- **What this task involves**
In the entries below, find the lines with the word "name" and copy them.

- **Supplied records**
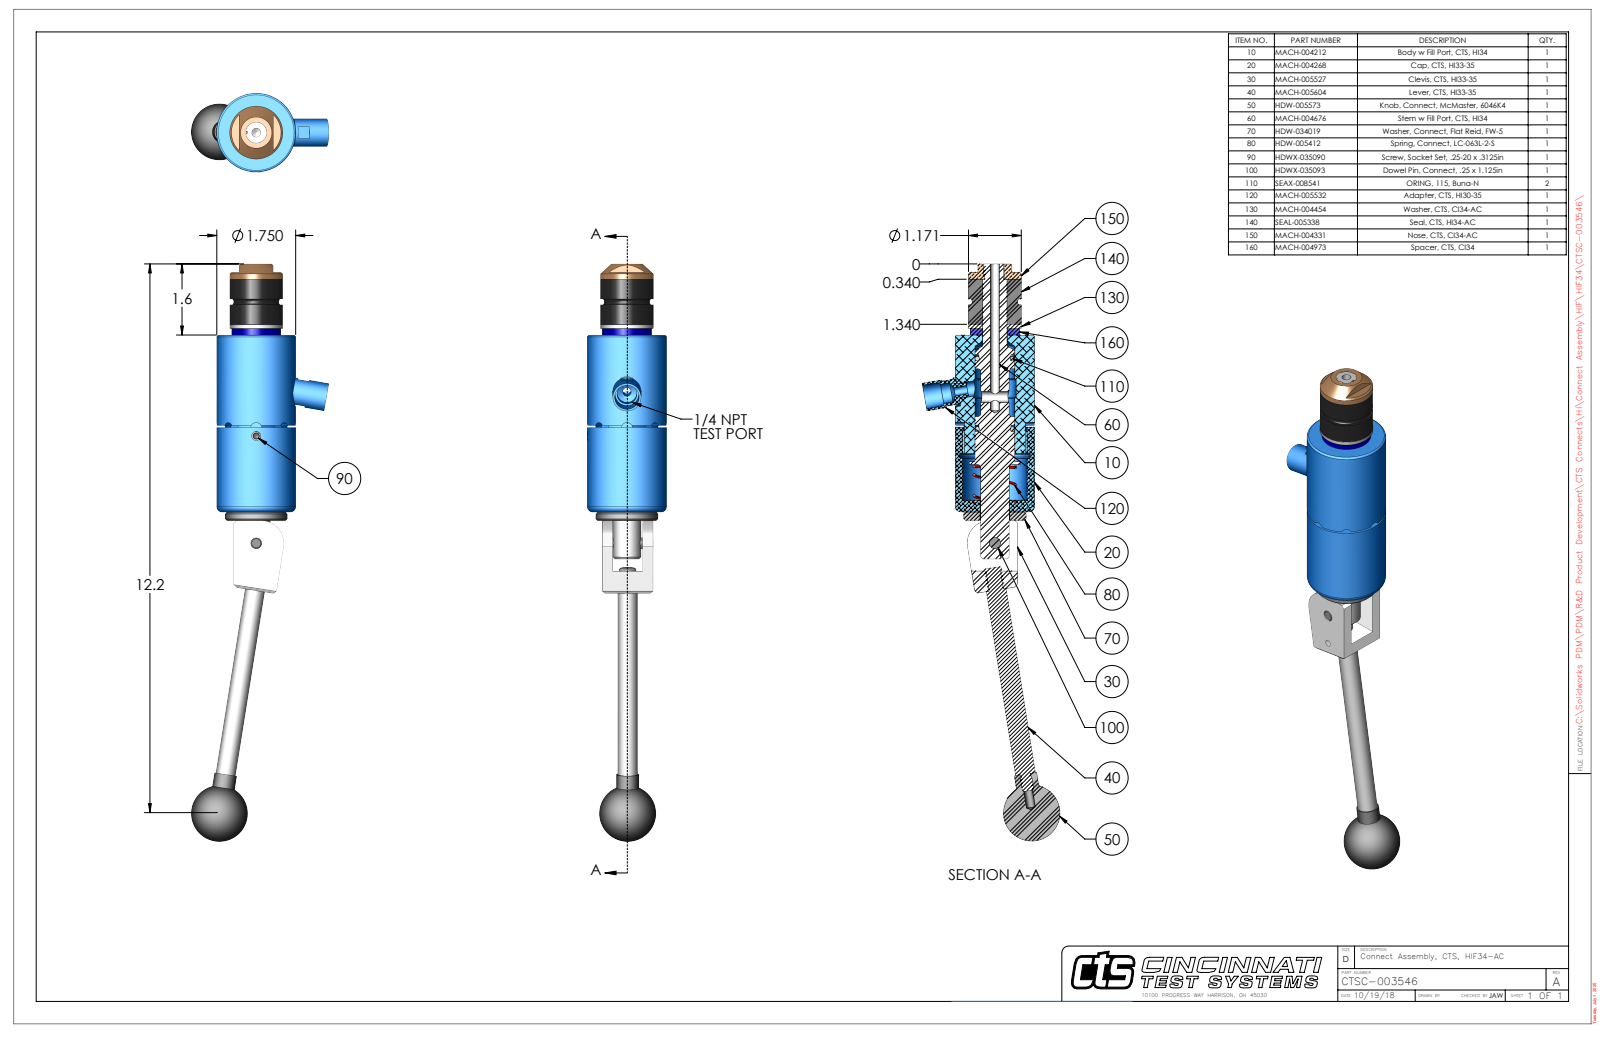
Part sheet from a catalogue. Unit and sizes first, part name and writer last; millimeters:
Units: millimetres
Overall size (bounding box): 325 × 77.3 × 44.5
Round holes (diameter × count): ⌀5.1 ×2, ⌀3.8 ×1, ⌀4.7 ×1, ⌀5.2 ×1, ⌀6.3 ×1, ⌀6.4 ×1, ⌀6.4 ×1, ⌀8 ×1, ⌀10.7 ×1, ⌀11.1 ×1, ⌀13.5 ×1, ⌀13.7 ×1
Round bosses / shafts (diameter × count): ⌀12.7 ×2, ⌀11.2 ×2, ⌀6.4 ×2, ⌀44.5 ×1, ⌀35.1 ×1, ⌀29.7 ×1, ⌀27.7 ×1, ⌀15.9 ×1
Partial cylindrical surfaces — rounded edges, fillets, slot ends (radius × count): R3.2 ×4, R0.7 ×2, R4.2 ×1, R4.6 ×1, R8.4 ×1, R12.7 ×1, R17.7 ×1, R20.8 ×1
Main face-to-face distances: 99.6, 31.4, 131, 25.4, 6, 105.6, 27.8, 2.4, 3.6, 103.2
Hole centre spacings: 18.8, 60.4, 79.1
Volume: 231 400 mm³ · Surface area: 51 840 mm²
Bodies: 10 solids, 298 faces (106 planar, 125 cylindrical, 67 other)
Part name (STEP PRODUCT): CTSC-003546
STEP written by: SolidWorks 2023 (AUTOMOTIVE_DESIGN)

- **Answer**
Part sheet from a catalogue. Unit and sizes first, part name and writer last; millimeters:
Part name (STEP PRODUCT): CTSC-003546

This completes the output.